[Start of section]
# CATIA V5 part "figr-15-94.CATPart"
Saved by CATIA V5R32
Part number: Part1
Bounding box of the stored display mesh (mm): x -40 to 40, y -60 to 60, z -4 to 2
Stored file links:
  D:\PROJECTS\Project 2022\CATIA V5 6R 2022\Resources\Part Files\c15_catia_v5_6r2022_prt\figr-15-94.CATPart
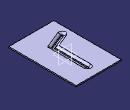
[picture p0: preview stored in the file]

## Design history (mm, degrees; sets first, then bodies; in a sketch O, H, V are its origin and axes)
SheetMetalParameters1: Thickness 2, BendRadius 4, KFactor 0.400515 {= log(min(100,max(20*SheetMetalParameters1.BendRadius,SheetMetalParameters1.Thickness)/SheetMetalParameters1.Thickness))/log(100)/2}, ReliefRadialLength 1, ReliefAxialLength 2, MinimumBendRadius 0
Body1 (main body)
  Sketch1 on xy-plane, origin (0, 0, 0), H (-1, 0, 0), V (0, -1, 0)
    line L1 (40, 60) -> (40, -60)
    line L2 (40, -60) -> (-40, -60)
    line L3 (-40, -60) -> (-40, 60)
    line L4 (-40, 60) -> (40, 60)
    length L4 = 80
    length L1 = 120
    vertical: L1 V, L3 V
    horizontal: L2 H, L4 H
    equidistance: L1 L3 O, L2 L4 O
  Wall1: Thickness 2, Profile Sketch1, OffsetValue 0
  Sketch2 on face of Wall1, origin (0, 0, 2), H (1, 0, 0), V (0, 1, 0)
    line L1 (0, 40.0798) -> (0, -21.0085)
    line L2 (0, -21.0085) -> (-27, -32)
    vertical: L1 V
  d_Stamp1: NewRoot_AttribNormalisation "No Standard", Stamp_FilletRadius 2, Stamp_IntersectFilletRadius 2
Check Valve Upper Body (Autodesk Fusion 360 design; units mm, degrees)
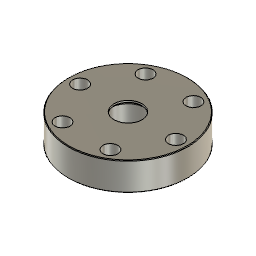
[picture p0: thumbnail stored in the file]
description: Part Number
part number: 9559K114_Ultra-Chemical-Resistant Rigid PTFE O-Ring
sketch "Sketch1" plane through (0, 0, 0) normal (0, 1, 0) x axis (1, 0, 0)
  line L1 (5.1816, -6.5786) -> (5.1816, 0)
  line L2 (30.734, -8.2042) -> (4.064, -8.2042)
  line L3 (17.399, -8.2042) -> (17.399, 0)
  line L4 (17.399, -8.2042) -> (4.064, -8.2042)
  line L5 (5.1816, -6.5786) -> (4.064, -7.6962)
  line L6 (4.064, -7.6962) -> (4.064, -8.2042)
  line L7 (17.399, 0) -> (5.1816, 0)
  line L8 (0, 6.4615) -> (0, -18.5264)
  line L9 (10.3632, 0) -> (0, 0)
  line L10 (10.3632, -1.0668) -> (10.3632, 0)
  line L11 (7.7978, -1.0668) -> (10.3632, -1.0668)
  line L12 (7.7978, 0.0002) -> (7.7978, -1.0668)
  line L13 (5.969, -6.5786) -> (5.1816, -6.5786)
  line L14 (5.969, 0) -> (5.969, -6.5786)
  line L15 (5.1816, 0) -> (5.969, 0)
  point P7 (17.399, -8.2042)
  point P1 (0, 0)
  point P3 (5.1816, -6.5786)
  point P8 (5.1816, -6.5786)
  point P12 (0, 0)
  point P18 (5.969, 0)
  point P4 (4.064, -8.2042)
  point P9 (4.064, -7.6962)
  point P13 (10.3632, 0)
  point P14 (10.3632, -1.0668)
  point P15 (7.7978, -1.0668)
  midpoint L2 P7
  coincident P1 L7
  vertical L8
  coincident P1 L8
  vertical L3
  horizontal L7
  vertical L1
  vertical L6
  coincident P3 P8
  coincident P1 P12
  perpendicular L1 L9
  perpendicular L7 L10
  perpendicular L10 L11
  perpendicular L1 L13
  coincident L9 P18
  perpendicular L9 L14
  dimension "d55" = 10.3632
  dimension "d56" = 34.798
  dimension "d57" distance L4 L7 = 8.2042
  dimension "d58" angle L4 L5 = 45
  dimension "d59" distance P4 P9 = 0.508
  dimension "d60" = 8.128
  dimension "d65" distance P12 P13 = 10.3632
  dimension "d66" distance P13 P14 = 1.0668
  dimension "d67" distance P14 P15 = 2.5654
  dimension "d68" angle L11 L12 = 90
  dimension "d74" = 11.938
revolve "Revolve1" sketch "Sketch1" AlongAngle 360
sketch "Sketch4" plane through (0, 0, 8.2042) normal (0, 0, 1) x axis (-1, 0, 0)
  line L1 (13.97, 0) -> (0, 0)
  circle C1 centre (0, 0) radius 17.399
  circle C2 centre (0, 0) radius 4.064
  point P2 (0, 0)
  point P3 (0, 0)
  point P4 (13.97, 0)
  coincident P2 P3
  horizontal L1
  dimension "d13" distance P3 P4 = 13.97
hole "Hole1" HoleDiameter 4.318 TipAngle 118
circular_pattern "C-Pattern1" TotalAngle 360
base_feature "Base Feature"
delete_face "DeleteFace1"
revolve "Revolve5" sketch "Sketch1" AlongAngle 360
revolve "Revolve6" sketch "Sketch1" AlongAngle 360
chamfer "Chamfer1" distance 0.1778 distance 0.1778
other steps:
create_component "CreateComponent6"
[End of section]
• [Work to complete]:
Return a copy of each line in the entries that carries the string "through".

• [Answer to this exercise]:
sketch "Sketch1" plane through (0, 0, 0) normal (0, 1, 0) x axis (1, 0, 0)
sketch "Sketch4" plane through (0, 0, 8.2042) normal (0, 0, 1) x axis (-1, 0, 0)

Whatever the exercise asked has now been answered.